Rzecznik zwrócił uwagę, że "jak kiedyś zdarzyło się w czasie demonstracji w lipcu w 2018 roku użycie gazu, to wyjaśnialiśmy to przez ładne kilka dni: dlaczego to się stało, kto popełnił błąd". - Ostatnio ten gaz jest używany regularnie, co demonstracja. Nawet nie ma żadnych ostrzeżeń - zauważył.

Komentując potraktowanie posłanki Magdaleny Biejat gazem łzawiącym przez policję, Bodnar zauważył, że dawniej immunitety poselski i senatorski były szanowane. - Teraz w biały wieczór, można powiedzieć, psika się w twarz pani posłance Biejak.
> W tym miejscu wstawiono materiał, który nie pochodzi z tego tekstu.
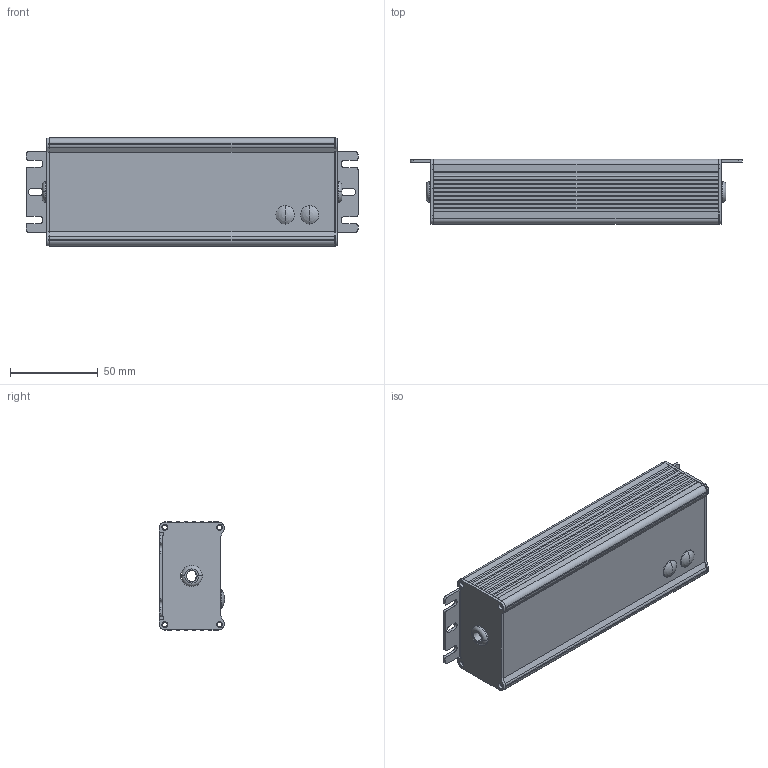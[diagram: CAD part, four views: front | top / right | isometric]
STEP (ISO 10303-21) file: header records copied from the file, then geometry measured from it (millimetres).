
FILE_DESCRIPTION(('Creo Elements/Direct Modeling STEP Export'),'2;1');
FILE_NAME('HVG-65.stp','2014-12-03T 9:19:09',(''),(''),'Creo Elements/Direct Modeling STEP processor for AP214 (Solid Model)','Creo Elements/Direct Modeling 18.1F 24-Jul-2014 (C) Parametric Technology GmbH','');
FILE_SCHEMA(('AUTOMOTIVE_DESIGN { 1 0 10303 214 1 1 1 1 }'));
Length unit declared in the file: millimetre
Products named in the file (11): Vol1.1.1.1; RD0801007.1.1.1.1; M3-10Lê°˜W.1.1.1.1.1.1.1; y.1; ÊU£\; ÊW£\; blcker1; r.1; p2; HVG-65
Assembly tree (16 placements, depth 4):
  HVG-65
    HVG-65
      p2
      r.1  x2
      blcker1  x2
      Vol1.1.1.1  x2
      RD0801007.1.1.1.1  x2
      ÊW£\
      ÊU£\
        M3-10Lê°˜W.1.1.1.1.1.1.1  x3
        y.1
Bounding box: 189 x 37.09 x 61.5 mm (x, y, z)
Volume: 87331.2 mm3; surface area: 120340.1 mm2
Topology: 14 solids, 14 shells, 511 faces, 1351 edges, 887 vertices
Faces by surface type: plane 311, cylinder 156, cone 24, torus 8, bspline 8, sphere 4
Entity records: 11236 total; most frequent: CARTESIAN_POINT 2322, ORIENTED_EDGE 1754, DIRECTION 1609, EDGE_CURVE 877, VECTOR 635, LINE 635, VERTEX_POINT 578, AXIS2_PLACEMENT_3D 487

W ten sposób narusza się zasady wynikające z jej chronionego konstytucyjnie immunitetu - stwierdził RPO.

Podkreślił, że będzie przeciwko temu protestować i podejmuje działania w każdej takiej sytuacji.

Bodnar 2
Bodnar: ostatnio gaz łzawiący jest używany regularnie, bez ostrzeżeń
Źródło: TVN24

"To, co robi prokurator generalny to jest odwracanie kota ogonem"

Po środowym proteście w mediach społecznościowych pojawiły się zdjęcia policjantów uczestniczących w brutalnych interwencjach oraz wezwania dotyczące identyfikacji i publikacji wizerunków tych funkcjonariuszy. W niedzielę minister sprawiedliwości i prokurator generalny Zbigniew Ziobro wydał oświadczenie, w którym uznał, że ujawnienie tożsamości policjantów jest nie tylko czynem nieetycznym i niemoralnym, lecz przede wszystkim sprowadza na funkcjonariuszy bezpośrednie ryzyko utraty zdrowia, a nawet życia. Szef resortu zapowiedział postępowanie wobec tych osób, które upubliczniły nazwiska i adresy policjantów.

- Do tej pory się nie zdarzało, żeby nieoznakowani funkcjonariusze i w żaden sposób się nie przedstawiający, od razu sięgali po środki przymusu bezpośredniego - zauważył Adam Bodnar w "Faktach po Faktach".

Jak ocenił, to, co robi prokurator generalny, to jest "odwracanie kota ogonem". - To jest teraz poszukiwanie jakiejkolwiek próby zaczepienia osób, które protestują przeciwko takiemu postępowaniu policji, co więcej - osób, które czują się bezbronne. Bo co one mają zrobić? Zawiadomić tego samego prokuratora o tym, że zostało popełnione w stosunku do nich przestępstwo? - zastanawiał się rzecznik praw obywatelskich.

Dodał, że "w Polsce już od pewnego czasu prokuratura działa tylko w tych sytuacjach, w których jest to dla niej opłacalne politycznie, a tam, kiedy mogłoby to dotknąć osób, które z prokuraturą sympatyzują lub są związane z obozem władzy, to prokuratura milczy, umarza postępowanie bądź prowadzi to postępowanie w nieskończoność".